ABOUT THE PRODUCTION

Fourteen musicians from across the world come together around Mozart's Requiem. In reconstructing that Requiem, they merge their own musical influences with genres including jazz, opera and popular African music. Appointed musical director and composer, Fabrizio Cassol, continues to write a personal artistic history in which he brings together different musical cultures around a theme. Again and again, he looks for ways to write new stories with existing work, with oral and written traditions. For the Requiem, he brings together musicians with whom he previously worked (in Macbeth and Coup Fatal, among others) and with artists for whom this is their first collaboration. On a theatrical level, director Alain Platel and the group look for a visual and physical translation of the images and associations that a Requiem conjures up: from the requiem mass to the mass grave into which Mozart was himself dumped.

THE AUTHORS

FABRIZIO CASSOL (1964), for twenty five years, is the composer and saxophonist of the band Aka Moon. He has often worked with choreographers such as Alain Platel (les ballets C de la B - vsprs, pitié!, Coup Fatal), Anne Teresa De Keersmaeker (Rosas), the Samoan Lemi Ponifasio (Mao Company), and the Congolese Faustin Linye (studio Kaboka). In opera, he already worked with Philippe Boesman-Luc Bondy and in theatre with Tg Stan. His close collaboration with KVS, the Flemish Royal Theatre, when led by Jan Goossens, was followed by an artistic residence in the opera De Munt La Monnaie (Brussels) led by Bernard Foccroulle. Since 2012, he has been artist in residence at the Fondation de l'Abbaye Royaumont near Paris to continue studying world cultures. His particular interest in non-European music started after a trip to the Aka pygmies in Central Africa in 1992 and expanded to Asia (especially India) and Africa. He passes on his extensive knowledge of music from oral and written traditions, of chamber music or symphonic work in workshops, and master classes all over the world. Such as: at the Conservatoire National Supérieur in Paris, the Royal Academy in London, the Conservatory in Jerusalem, in Alger, Beijing, Berlin, Chennai, Tunis and Royaumont.

 

ALAIN PLATEL (1964), is trained as a remedial educationalist, and is an autodidact director. In 1984 he set up a small group with a number of friends and relatives to work collectively. Emma (1988) signaled his concentration on directing. He was responsible for Bonjour Madame (1993), La Tristeza Complice (1995) and Iets op Bach (1998), with which les ballets C de la B (as the group was now called) rocketed to the international top. In the meantime his collaboration with Arne Sierens had a similar effect on the Ghent youth theatre company Victoria, with the three plays Moeder en Kind (1995), Bernadetje (1996) and Allemaal  Indiaan (1999).

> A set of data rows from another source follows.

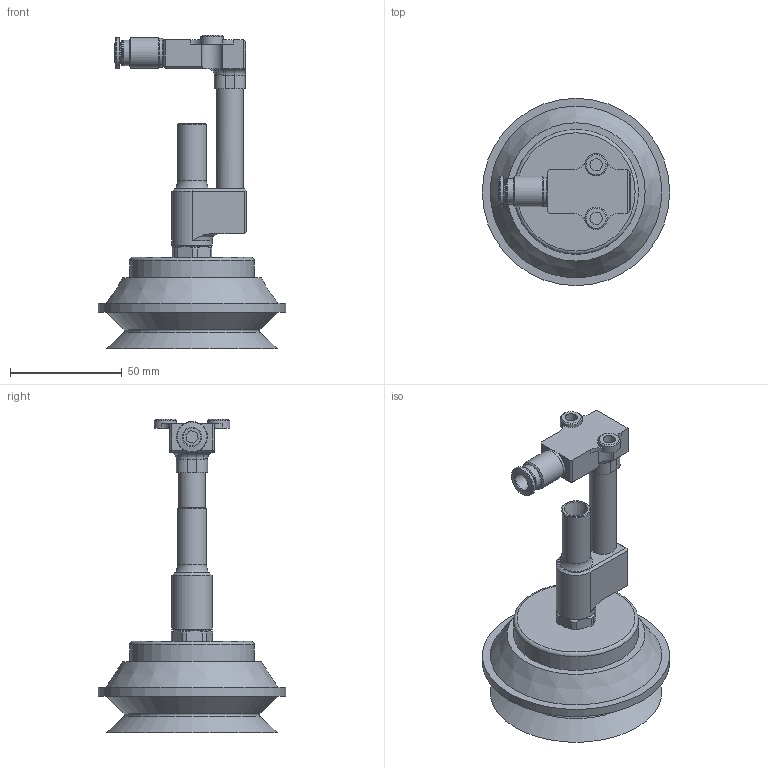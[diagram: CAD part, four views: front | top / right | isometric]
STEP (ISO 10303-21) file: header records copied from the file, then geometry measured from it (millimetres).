
FILE_DESCRIPTION(/* description */ ('Unknown'),/* implementation_level */ '2;1');
FILE_NAME(/* name */ 'HDHF Dm extern mit Adapter und 78er Sauger',/* time_stamp */ '2025-06-13T08:13:31+02:00',/* author */ ('S.Brockfeld'),/* organization */ ('DIL e.V.'),/* preprocessor_version */ 'ST-DEVELOPER v18.104',/* originating_system */ 'Solid Edge',/* authorisation */ 'Unknown');
FILE_SCHEMA (('AUTOMOTIVE_DESIGN {1 0 10303 214 3 1 1}'));
Length unit declared in the file: millimetre
Products named in the file (1): HDHF Dm extern mit Adapter und 78er Sauger
Bounding box: 84 x 84 x 140.7 mm (x, y, z)
Volume: 86750.2 mm3; surface area: 40542 mm2
Topology: 1 solids, 2 shells, 194 faces, 468 edges, 292 vertices
Faces by surface type: plane 90, cylinder 56, cone 31, torus 15, bspline 2
Full cylindrical faces by diameter (mm): 5.5 x2, 8 x1, 8.566 x2, 9.4 x1, 10 x7, 11.4 x2, 12 x1, 12.4 x2, 13 x2, 13.157 x2, 13.7 x1, 13.8 x1, 14 x1, 15 x1, 17.5 x2, 18 x1, 56 x1, 84 x1
Entity records: 7075 total; most frequent: CARTESIAN_POINT 1365, DIRECTION 931, ORIENTED_EDGE 804, EDGE_CURVE 402, AXIS2_PLACEMENT_3D 379, VERTEX_POINT 280, EDGE_LOOP 280, FACE_BOUND 280

In collaboration with director Frank Van Laecke, he created Gardenia (June 2010), a production in which the closing of a transvestite cabaret affords us a glimpse into the private lives of a memorable group of old artists. In 2015 Alain Platel and Frank Van Laecke renewed their collaboration, this time joined by composer Steven Prengels, for En avant, Marche !, a performance about a society inspired by the tradition of fanfare orchestras and brass bands. C(H)ŒURS (2012), so far Platel’s biggest project, is created on demand of opera director Gerard Mortier. He got to work with the famous choral scenes from Verdi’s operas, later on he added pieces of music from Richard Wagner’s works. In C(H)ŒURS he examines - together with his dancers and the Teatro Real choir - how ‘dangerously beautiful’ a group can be.

FROM THE REVIEWS

This is the fourth cooperation between the Belgic choreographer and director Alain Platel and the composer Fabrizio Cassol. They fuse arts. Requiem for L. is an attempt to cross an unfinished composition by Wolfgang Amadeus Mozart which someone else has completed, with contemporary music... Only when everything organic has been distinguished, do the close ones dare to kiss the body. On monitors they show their pain, and the relief that it is over. Only their hands, hair, and backs are visible, leaning over the corpse.  But even that is enough to know that when death overshadows life, life still does continue.

Dorion Weickmann, Süddeutsche Zeitung

 

Requiem for L. confronts us with our own mortality in a way that is both sad and joyful, serene and boisterous. It is a unique work, one that, should you feel able to abandon yourself to what it proposes, ends by bringing the catharsis.

Teresa Guerreiro,  CULTURE Whisper

 

You could regard this offbeat take on Mozart's Requiem as a kind of grief party, by turns solemn and ceremonial, but also joyous and lively. The cast wear mainly black. Most are in gumboots (presaging a climatic stomping about on those graves). Their musicianship is masterly, fronted by a trio of classically trained vocalists juxtaposed against the musically looser styles of three physically wiry, African-born singers.